Unfortunately I don’t know what could cause this particular case of events. What the macro basically does is use the procedure that is called automatically by outlook whenever an email is sent. I don’t know what could cause it to trigger in one case and not trigger in another case.
Hi Guido,
the macro seemed to be working fine the first time, but after restarting Outlook it doesn’t any more. Is there something else I should do?
And thanks by the way. I had the same idea, that is fixing this problem, except I don’t know anything about coding. (I even tried finding a suggestion box at microsoft.com, what was I thinking??) But like always, there is someone else who has thought of it before you, and solved it.
I had the same problem as Peter, would be grateful for the cure!
After following the instructions above i find the code works perfectly. Make sure you save the project and enable the macros with this self-signed signature
I used it yesterday without any problems. I like it so much, I send e-mail intentionally “forgetting” the attachments. But this morning, it just sends my e-mails without reminding me. Is there some secret code that can tell I’m just goofing around?

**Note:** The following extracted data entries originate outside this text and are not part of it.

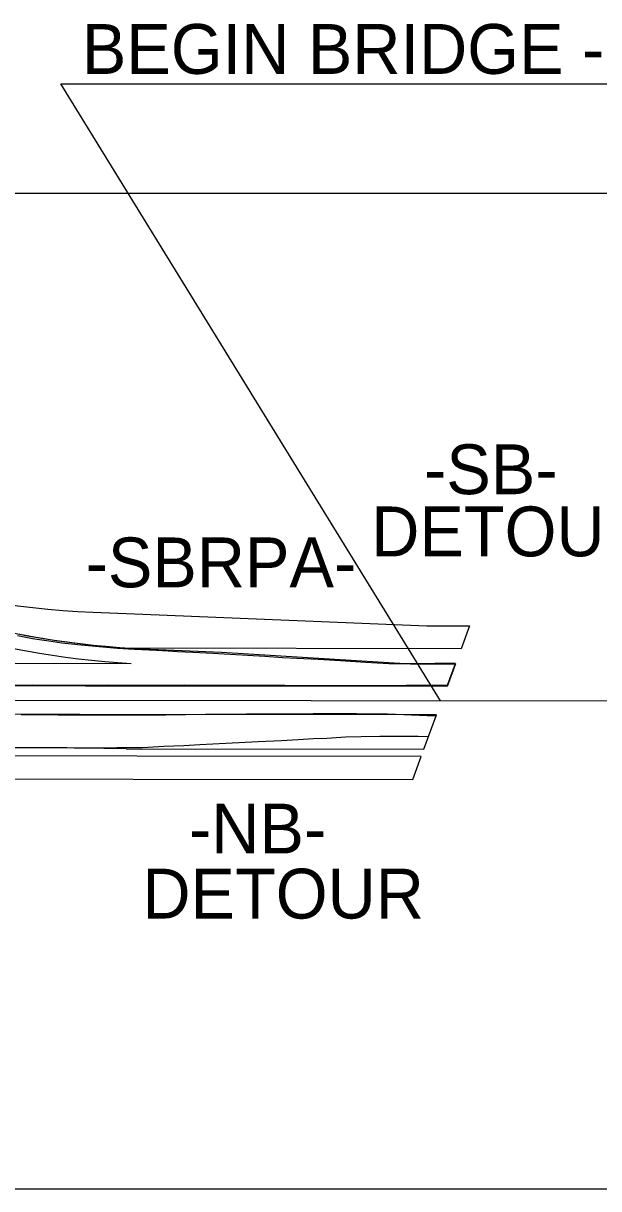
# Model space of a CAD drawing. Extents: x 2241278 to 2254132, y 649924 to 670434.
# Drawn here: x 2248712 to 2249319, y 662535 to 663765 of the extents above; entities that cross this region are included whole.
import ezdxf

# ---------------------------------------------------------------- set-up
doc = ezdxf.new("R2010")
doc.units = 0
for name, color, linetype in [('Pattern 4', 7, 'Continuous'), ('Prop DSN Text', 7, 'Continuous'), ('Prop Horizontal Alignment', 7, 'Continuous'), ('Prop RDY Alternate Text Yellow', 7, 'Continuous'), ('Prop Shade Heavy', 7, 'Continuous')]:
    doc.layers.add(name, color=color, linetype=linetype)

msp = doc.modelspace()

# ---------------------------------------------------------------- linework, layer by layer
at = {"layer": 'Pattern 4'}
for p, q in [((2249159.336078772, 663066.7082313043), (2249167.7898785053, 663089.5677081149)), ((2249139.3899553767, 663012.772964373), (2249147.4540124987, 663034.5785586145))]:
    msp.add_line(p, q, dxfattribs=at)
for points in [[(2249167.7898785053, 663089.5677081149), (2249159.228492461, 663089.6424579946), (2249146.0990382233, 663089.5987739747), (2249127.642966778, 663089.2384639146), (2249097.5813274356, 663089.3209915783), (2249072.995964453, 663090.7130612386), (2249046.585730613, 663092.4051507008), (2249022.749567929, 663093.7523472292), (2249000.2995952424, 663094.9941430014), (2248985.193567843, 663095.7356244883), (2248966.5289831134, 663097.176320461), (2248948.495280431, 663098.1608593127), (2248923.9210604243, 663099.4279203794), (2248911.7947710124, 663100.163497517), (2248890.6725089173, 663101.173491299), (2248874.5517428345, 663101.8486880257), (2248864.6596188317, 663102.5512727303), (2248852.3917822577, 663103.206333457), (2248844.7678805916, 663103.8149647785), (2248828.688629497, 663104.324355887), (2248811.1618813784, 663105.4249124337), (2248799.551019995, 663106.369470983), (2248772.9562313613, 663108.9442451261), (2248752.62412637, 663111.1444754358), (2248738.7589628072, 663113.3230295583), (2248721.7288937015, 663115.7938782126), (2248705.705206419, 663118.8617455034)], [(2248681.9061098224, 663066.8638399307), (2248721.980150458, 663067.1694241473), (2248761.240811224, 663066.7010286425), (2248800.863517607, 663067.1570449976), (2248842.0763467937, 663066.8143067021), (2248882.333280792, 663066.9523774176), (2248924.7630850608, 663066.7396779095), (2248956.3882947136, 663066.6797537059), (2248987.76190992, 663066.8051155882), (2249021.886788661, 663066.4531272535), (2249061.7030959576, 663066.3046694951), (2249115.5846840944, 663066.9045448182), (2249136.3788786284, 663067.1248550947), (2249159.336078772, 663066.7082313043)], [(2249147.4540124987, 663034.5785586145), (2249137.987843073, 663034.5810139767), (2249113.3537883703, 663035.4461736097), (2249096.0591444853, 663036.0409517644), (2249081.8694685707, 663036.2487396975), (2249063.4448014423, 663036.6168420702), (2249039.823357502, 663036.65930015), (2249017.749458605, 663036.7005023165), (2248993.8817138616, 663036.1691265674), (2248969.0655973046, 663036.3347705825), (2248946.839353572, 663036.0837042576), (2248929.014164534, 663035.7109308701), (2248904.093923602, 663035.6575296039), (2248862.1154721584, 663035.2516447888), (2248824.419881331, 663035.0624553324), (2248786.7746820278, 663035.0205108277), (2248748.5551320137, 663035.2078753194), (2248709.569692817, 663035.4523364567)], [(2248697.996508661, 663000.8356622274), (2248701.6137060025, 663000.8835208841), (2248747.9133080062, 663000.8673465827), (2248781.9784494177, 663000.6100270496), (2248810.475118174, 663001.1631734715), (2248837.7173311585, 663001.1015211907), (2248859.9624694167, 663002.3098727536), (2248881.2325595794, 663003.0213568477), (2248898.018917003, 663004.038114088), (2248925.4469335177, 663005.4166768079), (2248959.443907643, 663007.2343067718), (2248984.239088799, 663008.4419906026), (2249001.7018443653, 663009.432305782), (2249018.1251939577, 663010.3309372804), (2249031.9899260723, 663010.9687554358), (2249051.592922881, 663012.1635181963), (2249068.0811014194, 663012.7258490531), (2249088.0510972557, 663012.798439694), (2249104.8641020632, 663012.8310636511), (2249128.325150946, 663012.8929500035), (2249139.3899553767, 663012.772964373)]]:
    msp.add_lwpolyline(points, dxfattribs=at)
at = {"layer": 'Prop DSN Text'}
for p, q in [((2251198.4216737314, 663585.5258229), (2247330.488405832, 663585.4218419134)), ((2248845.7197187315, 663104.6785400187), (2248920.8129643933, 663101.5733055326)), ((2248920.8129643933, 663101.5733055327), (2249120.317026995, 663089.3464329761)), ((2248395.317459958, 663090.2059901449), (2248825.5682528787, 663089.6958861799)), ((2249167.6872778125, 663089.2902709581), (2249158.8155779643, 663065.3007723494)), ((2249134.4184033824, 662999.3296511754), (2249147.7259531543, 663035.3138990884)), ((2247330.516632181, 662535.4449286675), (2251198.4499030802, 662535.4373335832))]:
    msp.add_line(p, q, dxfattribs=at)
for points in [[(2249120.3170269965, 663089.346432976), (2249167.6872778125, 663089.2902709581)], [(2249158.8155779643, 663065.3007723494), (2248395.289052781, 663066.2060069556)], [(2249147.7259531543, 663035.3138990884), (2248395.2535438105, 663036.2060279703)], [(2248820.2105342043, 662999.7021750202), (2249134.4184033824, 662999.3296511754)]]:
    msp.add_lwpolyline(points, dxfattribs=at)
for centre, radius, start, end in [((2248884.8876708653, 664051.8690549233), 948.0000000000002, 240.0836274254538, 267.63207033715), ((2248884.887670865, 664051.8690549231), 963.9999999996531, 240.08637361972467, 266.4720945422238), ((2248689.937627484, 655542.7146767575), 7458.125339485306, 88.99914965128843, 90.91982228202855)]:
    msp.add_arc(centre, radius, start, end, dxfattribs=at)
at = {"layer": 'Prop Horizontal Alignment'}
msp.add_line((2247428.233538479, 663052.3525343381), (2250137.966660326, 663049.1398834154), dxfattribs=at)
at = {"layer": 'Prop RDY Alternate Text Yellow'}
for p, q in [((2249151.82076662, 663050.3090548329), (2248751.597791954, 663701.2802170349)), ((2248751.597791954, 663701.2802170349), (2249815.432743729, 663701.2802170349))]:
    msp.add_line(p, q, dxfattribs=at)
at = {"layer": 'Prop Shade Heavy'}
for p, q in [((2248785.1649569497, 663143.8556338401), (2248837.982516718, 663141.6715371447)), ((2248837.982516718, 663141.6715371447), (2249137.4865089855, 663129.3261050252)), ((2249173.6017443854, 663105.2832700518), (2249173.6017443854, 663105.2832700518)), ((2249122.589470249, 662967.3436530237), (2249131.461170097, 662991.3331516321))]:
    msp.add_line(p, q, dxfattribs=at)
for points in [[(2249137.4865089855, 663129.3261050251), (2249182.4734442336, 663129.2727686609), (2249173.6017443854, 663105.2832700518)], [(2249173.6017443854, 663105.2832700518), (2248826.072496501, 663105.6952995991)], [(2249131.461170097, 662991.3331516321), (2248532.0654020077, 662992.0437933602)], [(2248532.03699483, 662968.0438101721), (2249122.589470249, 662967.3436530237)]]:
    msp.add_lwpolyline(points, dxfattribs=at)
for centre, radius, start, end in [((2248824.332909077, 664091.0461487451), 947.9999999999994, 237.09835811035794, 267.63207033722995), ((2248884.8876708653, 664051.8690549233), 948.0000000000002, 240.0836274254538, 266.4430096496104)]:
    msp.add_arc(centre, radius, start, end, dxfattribs=at)

# ---------------------------------------------------------------- texts
at = {"layer": 'Prop RDY Alternate Text Yellow'}
for s, p in [('BEGIN BRIDGE -L- 23+31.55', (2248773.65830357, 663711.8156379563)), ('-SB-', (2249134.6616001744, 663268.2935110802)), ('DETOUR', (2249078.8755077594, 663202.7237278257)), ('-SBRPA-', (2248777.6891273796, 663170.031384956)), ('-NB-', (2248886.783590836, 662889.1448194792)), ('DETOUR', (2248837.496848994, 662820.5046912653))]:
    msp.add_text(s, height=52.59375, dxfattribs=at).set_placement(p)

doc.saveas('drawing.dxf')

I did not include any code that determines you are goofing around
I don’t know what could be causing it for you. Have you followed all the steps about self-signing the macro also?
Furthermore, which version of outlook do you have? Does the problem persist after you have opened the macro editor with ALT-F11 ?
Regards,
Guido Diepen
I use Outlook 2003 (SP3).
I hadn’t signed the macro yet, because it ran without problems. At your suggestion I did sign the macro, but in Outlook, the menu Tools-> Macro-> Macros… did not show my macro.
Changing Security Levels to Low, closing Outlook: “Do you want to save Project1.OTM?” Yes. Restarting Outlook, Closing Outlook: “Do you want to save Project1.OTM?” Hmmm, I thought I just did.
It turned out after closing Outlook, there was still an Outlook.exe process running. I killed it, restarted Outlook: “Do you trust the macro of Feike?” Yes, I do!
I put Security Levels back to High and things work fine now
i use u work in my plugin. for extract attachments outlook) mapilab lol)
I use Outlook 2007. Followed all the steps, got prompted about trusting the macro (so it must know it is there). However when I send an email refferring to an attachment that is not there I get nothing. It just sends as per usual.
Any ideas?
@Hannah
Are you absolutely sure that you pasted the code in the ThisOutlookSession object that already existed (i.e. that you did not create it yourself)?
One thing you can try is to put something like:
VBA.MsgBox “Testing”
as the first line of the Application_ItemSend procedure. This should result in a messagebox with every message you send.
But my guess would be that you pasted the code in another module, and not in the ThisOutlookSession object that should always exist.
Kind regards,
Guido Dieepn
If I use this code, then I get the message box prompt come up with the “it appears…” message. That’s as far as I can get it to work. If I put the Item.Attachments.count = 0 code back in i get nothing happening.
The code is pasted into ThisOutlookSession, and has been digitally signed. Just does not appear to work with the full code.
Cheers,
Hannah
Option Explicit
Private Sub Application_ItemSend(ByVal Item As Object, Cancel As Boolean)
If Item.Class = Outlook.olMail Then
Dim userReply As VBA.VbMsgBoxResult
userReply = VBA.MsgBox(“It appears you are sending the email without attachments while ” & _
“the body/subject contains possible references to an attachment.” & _
VBA.vbNewLine & “Do you want to send the message without attachments?”, _
VBA.vbYesNo + VBA.vbDefaultButton2 + VBA.vbQuestion + VBA.vbSystemModal, _
“Possibly missing attachment…”)
If userReply = VBA.vbNo Then
Cancel = True
End If
End If
End Sub
I really don’t know why this code is not executed at all, if anybody has some idea, please post it here.